**WHAT IS BEING ASKED**
Please reproduce, exactly and with nothing added, the line containing "#84613=CARTESIAN_POINT('',(-648.,-122.778,44.5));" and every line after it to the end of the records.

(Items from a data source)
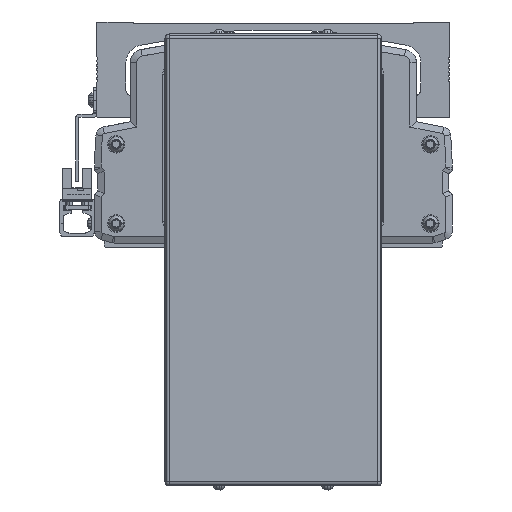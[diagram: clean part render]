
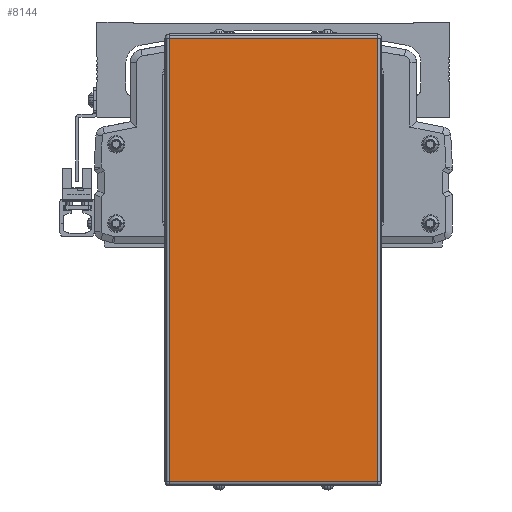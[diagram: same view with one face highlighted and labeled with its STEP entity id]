
A CAD part, front view. The second image highlights one B-rep face of the part: STEP entity #8144.
In plain terms, the highlighted planar face has unit normal (0, -1, 0).
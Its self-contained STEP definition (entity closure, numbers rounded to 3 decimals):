
#8144=ADVANCED_FACE('',(#16529),#16530,.T.);
#16529=FACE_OUTER_BOUND('',#27174,.T.);
#16530=PLANE('',#27175);
#27174=EDGE_LOOP('',(#51129,#51130,#51131,#51132));
#27175=AXIS2_PLACEMENT_3D('',#51133,#51134,#51135);
#51129=ORIENTED_EDGE('',*,*,#62664,.F.);
#51130=ORIENTED_EDGE('',*,*,#56046,.F.);
#51131=ORIENTED_EDGE('',*,*,#61817,.F.);
#51132=ORIENTED_EDGE('',*,*,#55073,.F.);
#51133=CARTESIAN_POINT('',(-600.,-122.778,-57.8));
#51134=DIRECTION('',(0.,-1.0,0.));
#51135=DIRECTION('',(0.,0.,-1.0));
#55073=EDGE_CURVE('',#66336,#66338,#66339,.T.);
#56046=EDGE_CURVE('',#64798,#67966,#67967,.T.);
#61817=EDGE_CURVE('',#66338,#64798,#76207,.T.);
#62664=EDGE_CURVE('',#67966,#66336,#77117,.T.);
#64798=VERTEX_POINT('',#79965);
#66336=VERTEX_POINT('',#82122);
#66338=VERTEX_POINT('',#82124);
#66339=LINE('',#82125,#82126);
#67966=VERTEX_POINT('',#84613);
#67967=LINE('',#84614,#84615);
#76207=LINE('',#97086,#97087);
#77117=LINE('',#98332,#98333);
#79965=CARTESIAN_POINT('',(-648.,-122.778,-160.1));
#82122=CARTESIAN_POINT('',(-552.,-122.778,44.5));
#82124=CARTESIAN_POINT('',(-552.,-122.778,-160.1));
#82125=CARTESIAN_POINT('',(-552.,-122.778,-57.8));
#82126=VECTOR('',#101302,10.0);
#84613=CARTESIAN_POINT('',(-648.,-122.778,44.5));
#84614=CARTESIAN_POINT('',(-648.,-122.778,-57.8));
#84615=VECTOR('',#102497,10.0);
#97086=CARTESIAN_POINT('',(-600.,-122.778,-160.1));
#97087=VECTOR('',#109287,10.0);
#98332=CARTESIAN_POINT('',(-600.,-122.778,44.5));
#98333=VECTOR('',#109880,10.0);
#101302=DIRECTION('',(0.,0.,-1.0));
#102497=DIRECTION('',(0.,0.,1.0));
#109287=DIRECTION('',(-1.0,0.,0.));
#109880=DIRECTION('',(1.0,0.,0.));

**EXERCISE SOLUTION**
#84613=CARTESIAN_POINT('',(-648.,-122.778,44.5));
#84614=CARTESIAN_POINT('',(-648.,-122.778,-57.8));
#84615=VECTOR('',#102497,10.0);
#97086=CARTESIAN_POINT('',(-600.,-122.778,-160.1));
#97087=VECTOR('',#109287,10.0);
#98332=CARTESIAN_POINT('',(-600.,-122.778,44.5));
#98333=VECTOR('',#109880,10.0);
#101302=DIRECTION('',(0.,0.,-1.0));
#102497=DIRECTION('',(0.,0.,1.0));
#109287=DIRECTION('',(-1.0,0.,0.));
#109880=DIRECTION('',(1.0,0.,0.));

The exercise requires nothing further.